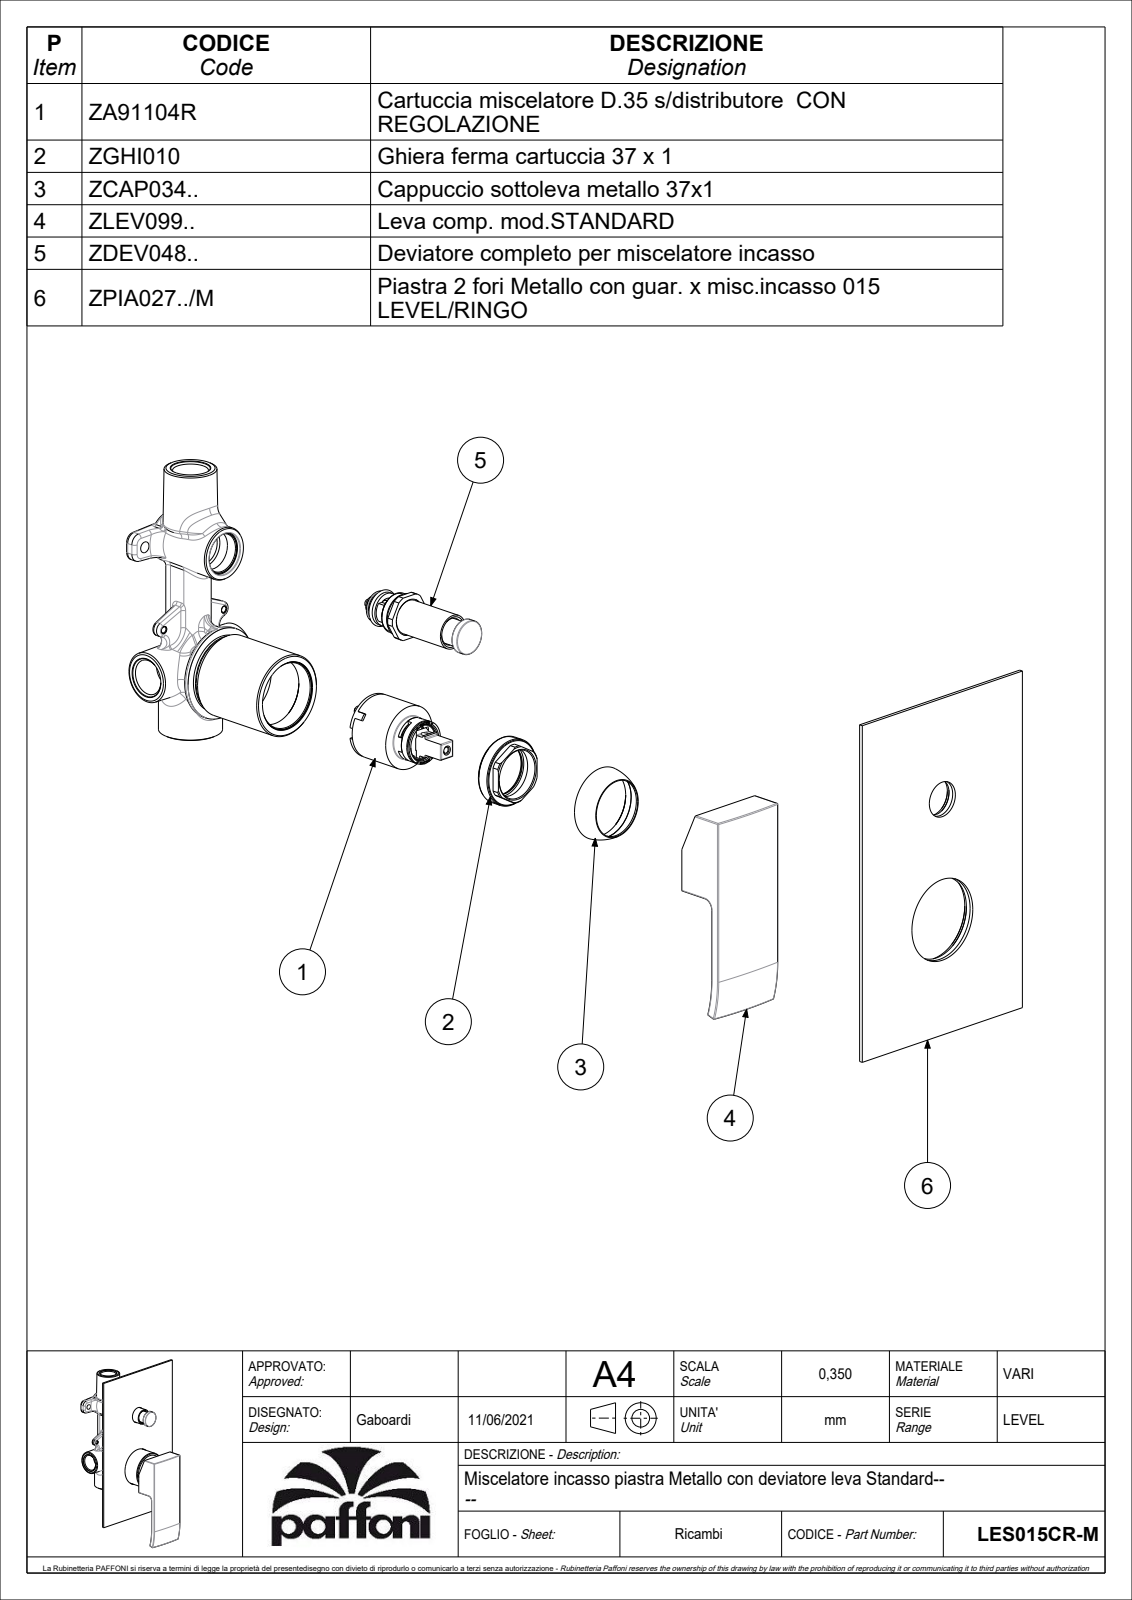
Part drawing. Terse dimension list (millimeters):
name: LES015CR-M
written by: CREO PARAMETRIC BY PTC INC, 2020044 (CONFIG_CONTROL_DESIGN)
unit: mm
bodies: 5 solids, 898 faces (549 planar, 206 cylindrical, 143 other)
size: 213.38 × 120 × 54.05
volume: 103 636 mm³; area: 85 536 mm²
holes: 2× ⌀4, 2× ⌀19.5, 1× ⌀3, 1× ⌀3.3, 1× ⌀5, 1× ⌀5.5, 1× ⌀7.8, 1× ⌀10.5, 1× ⌀14.8, 1× ⌀19.9, 1× ⌀26.8, 1× ⌀29
bosses: 1× ⌀44.8, 1× ⌀35, 1× ⌀23.5, 1× ⌀23.4, 1× ⌀21.8, 1× ⌀18.7, 1× ⌀18.6, 1× ⌀14
rounds: 14× R1.5, 12× R0.5, 11× R0.15, 4× R0.3, 4× R2, 2× R1, 2× R300, 1× R2.25
face distances: 2, 45, 51, 49, 37.5, 82.5, 17.2, 15.2, 33.8, 5.5
hole spacings: 8, 68
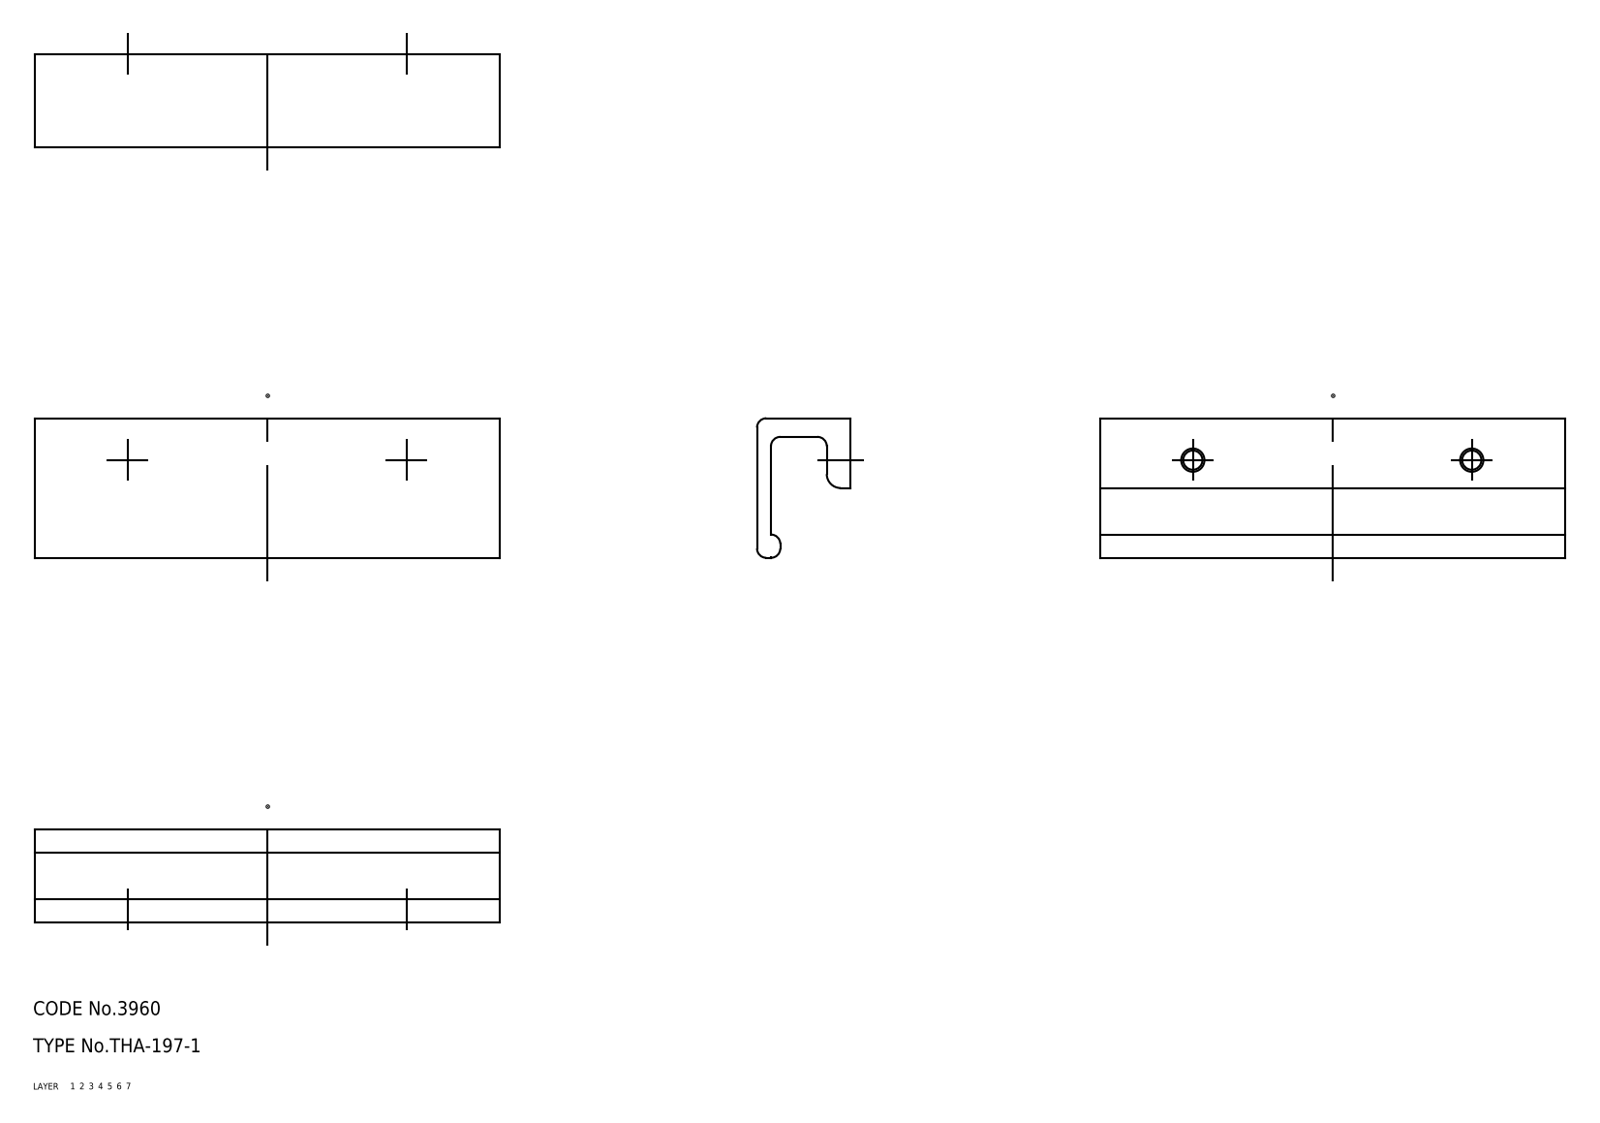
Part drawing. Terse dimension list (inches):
name: pull
written by: CADfix (AUTOMOTIVE_DESIGN)
unit: in
bodies: 1 solid, 22 faces (0 planar, 0 cylindrical, 22 other)
size: 3.937 × 1.181 × 0.787
volume: 1.327 in³; area: 19.33 in²

##########

WHAT NEEDS TO BE DONE:
The pictures are not wanted, but every line of the listing should be duplicated exactly.

RESPONSE:
Part drawing. Terse dimension list (millimeters):
name: LES015CR-M
written by: CREO PARAMETRIC BY PTC INC, 2020044 (CONFIG_CONTROL_DESIGN)
unit: mm
bodies: 5 solids, 898 faces (549 planar, 206 cylindrical, 143 other)
size: 213.38 × 120 × 54.05
volume: 103 636 mm³; area: 85 536 mm²
holes: 2× ⌀4, 2× ⌀19.5, 1× ⌀3, 1× ⌀3.3, 1× ⌀5, 1× ⌀5.5, 1× ⌀7.8, 1× ⌀10.5, 1× ⌀14.8, 1× ⌀19.9, 1× ⌀26.8, 1× ⌀29
bosses: 1× ⌀44.8, 1× ⌀35, 1× ⌀23.5, 1× ⌀23.4, 1× ⌀21.8, 1× ⌀18.7, 1× ⌀18.6, 1× ⌀14
rounds: 14× R1.5, 12× R0.5, 11× R0.15, 4× R0.3, 4× R2, 2× R1, 2× R300, 1× R2.25
face distances: 2, 45, 51, 49, 37.5, 82.5, 17.2, 15.2, 33.8, 5.5
hole spacings: 8, 68
Part drawing. Terse dimension list (inches):
name: pull
written by: CADfix (AUTOMOTIVE_DESIGN)
unit: in
bodies: 1 solid, 22 faces (0 planar, 0 cylindrical, 22 other)
size: 3.937 × 1.181 × 0.787
volume: 1.327 in³; area: 19.33 in²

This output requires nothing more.